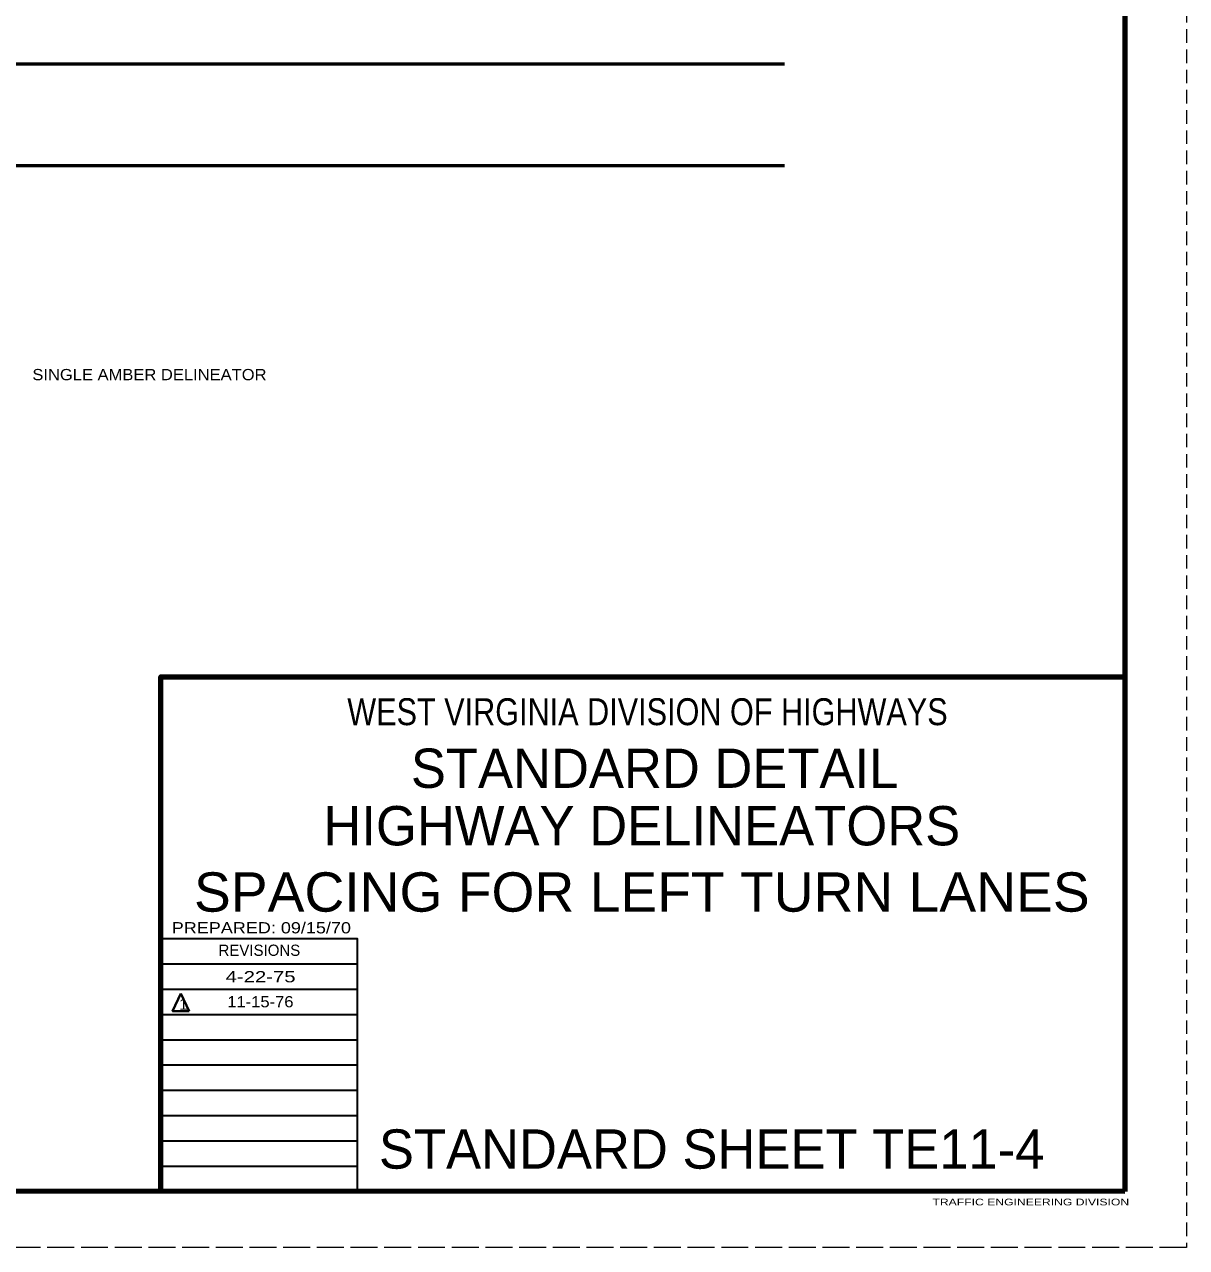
# Model space of a CAD drawing. Extents: x -280 to 400, y 15 to 456.
# Drawn here: x 193.3 to 400.2, y 15.5 to 233.2 of the extents above; entities that cross this region are included whole.
import ezdxf
from ezdxf.enums import TextEntityAlignment as Align

# ---------------------------------------------------------------- set-up
doc = ezdxf.new("R2010")
doc.units = 0
doc.header["$LTSCALE"] = 0.8
doc.linetypes.add('LONG_DASHED', pattern=[7.5, 6, -1.5])
doc.linetypes.add('MEDIUM_DASHED', pattern=[4.5, 3, -1.5])
doc.layers.add('1', color=7, linetype='Continuous', lineweight=53)
doc.layers.add('61', color=7, linetype='Continuous', lineweight=35)

msp = doc.modelspace()

# ---------------------------------------------------------------- linework, layer by layer
at = {"layer": '1', "linetype": 'MEDIUM_DASHED', "lineweight": 13}
msp.add_line((400.1618, 455.5237), (400.1418, 15.5037), dxfattribs=at)
at = {"layer": '1'}
for p, q in [((328.5872, 226.1099), (125.4173, 226.1099)), ((149.0672, 208.1099), (328.5872, 208.1099))]:
    msp.add_line(p, q, dxfattribs=at)
at = {"layer": '1', "lineweight": 35}
for p, q in [((252.5418, 65.9237), (217.5618, 65.9237)), ((252.5418, 61.4237), (217.5618, 61.4237)), ((252.5418, 56.9237), (217.5618, 56.9237)), ((252.5418, 52.4037), (217.5618, 52.4037)), ((252.5418, 47.9237), (217.5618, 47.9237)), ((252.5418, 43.4437), (217.5618, 43.4437)), ((252.5418, 38.9437), (217.5618, 38.9437)), ((252.5418, 34.4437), (217.5618, 34.4437)), ((252.5418, 29.9237), (217.5618, 29.9237))]:
    msp.add_line(p, q, dxfattribs=at)
at = {"layer": '1', "lineweight": 40}
msp.add_line((221.1072, 60.727), (222.5773, 57.5742), dxfattribs=at)
at = {"layer": '1', "lineweight": 158}
msp.add_lwpolyline([(217.5418, 25.4837), (217.5418, 117.0637), (389.2018, 117.0637)], dxfattribs=at)
at = {"layer": '1', "lineweight": 35}
msp.add_lwpolyline([(252.5418, 25.4437), (252.5418, 70.4037), (217.5618, 70.4037)], dxfattribs=at)
at = {"layer": '1', "lineweight": 40}
msp.add_lwpolyline([(221.1072, 60.727), (219.6371, 57.5742), (222.5773, 57.5742)], dxfattribs=at)
at = {"layer": '61', "lineweight": 158}
for p, q in [((389.1818, 445.5237), (389.2018, 25.4837)), ((389.2018, 25.4837), (-249.8582, 25.5037))]:
    msp.add_line(p, q, dxfattribs=at)
at = {"layer": '61', "linetype": 'LONG_DASHED', "lineweight": 13}
msp.add_line((400.1418, 15.5037), (-279.9182, 15.4837), dxfattribs=at)

# ---------------------------------------------------------------- texts
at = {"layer": '1'}
for s, height, width, p in [('SINGLE AMBER DELINEATOR', 2, 1.1, (194.681, 169.8663)), ('PREPARED: 09/15/70', 1.998, 1.2, (219.5018, 71.4037)), ('4-22-75', 2, 1.35, (229.0902, 62.6885)), ('11-15-76', 2, 1.1, (229.3911, 58.2418)), ('TRAFFIC ENGINEERING DIVISION', 1.2, 1.35, (354.9218, 22.9837))]:
    msp.add_text(s, height=height, dxfattribs=dict(at, width=width)).set_placement(p)
for s, height, width, p in [('WEST VIRGINIA DIVISION OF HIGHWAYS', 4.795, 0.85, (304.1902, 108.4637)), ('SPACING FOR LEFT TURN LANES', 7, 1.05, (303.182, 75.2661))]:
    msp.add_text(s, height=height, dxfattribs=dict(at, width=width)).set_placement(p, align=Align.CENTER)
for s, height, p in [('STANDARD DETAIL', 6.993, (305.4588, 97.3037)), ('HIGHWAY DELINEATORS', 7, (303.182, 87.0661))]:
    msp.add_text(s, height=height, dxfattribs=at).set_placement(p, align=Align.CENTER)
for s, height, p in [('REVISIONS', 1.998, (227.8218, 67.4037)), ('1', 2, (220.8311, 57.8068)), ('STANDARD SHEET TE11-4', 6.993, (256.3818, 29.5237))]:
    msp.add_text(s, height=height, dxfattribs=at).set_placement(p)

doc.saveas('drawing.dxf')
════════════════════
- What needs to be done -
From the entries, work out how many lines include the word "ezdxf", answering with the number only.

- Finished task -
3